[[ Data to use, beginning ]]

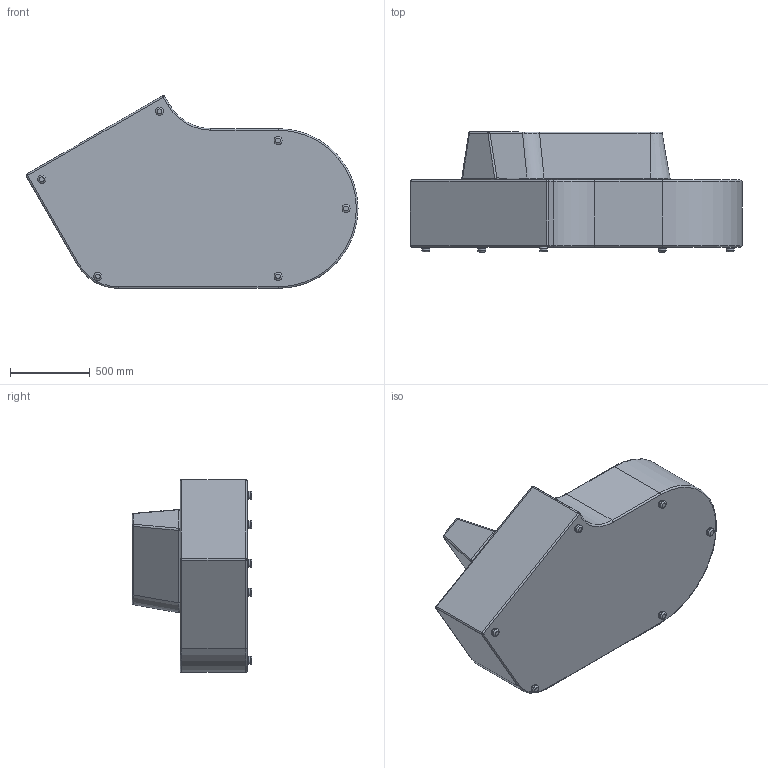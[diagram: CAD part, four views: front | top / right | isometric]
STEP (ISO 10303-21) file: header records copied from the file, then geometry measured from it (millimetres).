
FILE_DESCRIPTION(/* description */ (''),/* implementation_level */ '2;1');
FILE_NAME(/* name */ 'Tango Angle v7.step',/* time_stamp */ '2024-10-02T15:19:04+13:00',/* author */ (''),/* organization */ (''),/* preprocessor_version */ 'ST-DEVELOPER v20',/* originating_system */ 'Autodesk Translation Framework v13.20.0.188',/* authorisation */ '');
FILE_SCHEMA (('AUTOMOTIVE_DESIGN { 1 0 10303 214 3 1 1 }'));
Length unit declared in the file: millimetre
Products named in the file (4): Tango Angle; Seat; Feet; Back
Assembly tree (3 placements, depth 2):
  Tango Angle
    Seat
    Feet
    Back
Bounding box: 2076.34 x 750 x 1206.34 mm (x, y, z)
Volume: 844501028.1 mm3; surface area: 7353786.5 mm2
Topology: 8 solids, 8 shells, 94 faces, 188 edges, 109 vertices
Faces by surface type: cylinder 35, plane 26, torus 20, sphere 8, bspline 4, cone 1
Full cylindrical faces by diameter (mm): 50 x6
Entity records: 2735 total; most frequent: CARTESIAN_POINT 575, DIRECTION 502, ORIENTED_EDGE 374, AXIS2_PLACEMENT_3D 218, EDGE_CURVE 187, CIRCLE 113, VERTEX_POINT 109, FACE_OUTER_BOUND 94

[[ Data to use, end ]]

Without including any images, output the data exactly as given.

[diagram: CAD part, four views: front | top / right | isometric]
STEP (ISO 10303-21) file: header records copied from the file, then geometry measured from it (millimetres).
FILE_DESCRIPTION(/* description */ (''),/* implementation_level */ '2;1');
FILE_NAME(/* name */ 'Tango Angle v7.step',/* time_stamp */ '2024-10-02T15:19:04+13:00',/* author */ (''),/* organization */ (''),/* preprocessor_version */ 'ST-DEVELOPER v20',/* originating_system */ 'Autodesk Translation Framework v13.20.0.188',/* authorisation */ '');
FILE_SCHEMA (('AUTOMOTIVE_DESIGN { 1 0 10303 214 3 1 1 }'));
Length unit declared in the file: millimetre
Products named in the file (4): Tango Angle; Seat; Feet; Back
Assembly tree (3 placements, depth 2):
  Tango Angle
    Seat
    Feet
    Back
Bounding box: 2076.34 x 750 x 1206.34 mm (x, y, z)
Volume: 844501028.1 mm3; surface area: 7353786.5 mm2
Topology: 8 solids, 8 shells, 94 faces, 188 edges, 109 vertices
Faces by surface type: cylinder 35, plane 26, torus 20, sphere 8, bspline 4, cone 1
Full cylindrical faces by diameter (mm): 50 x6
Entity records: 2735 total; most frequent: CARTESIAN_POINT 575, DIRECTION 502, ORIENTED_EDGE 374, AXIS2_PLACEMENT_3D 218, EDGE_CURVE 187, CIRCLE 113, VERTEX_POINT 109, FACE_OUTER_BOUND 94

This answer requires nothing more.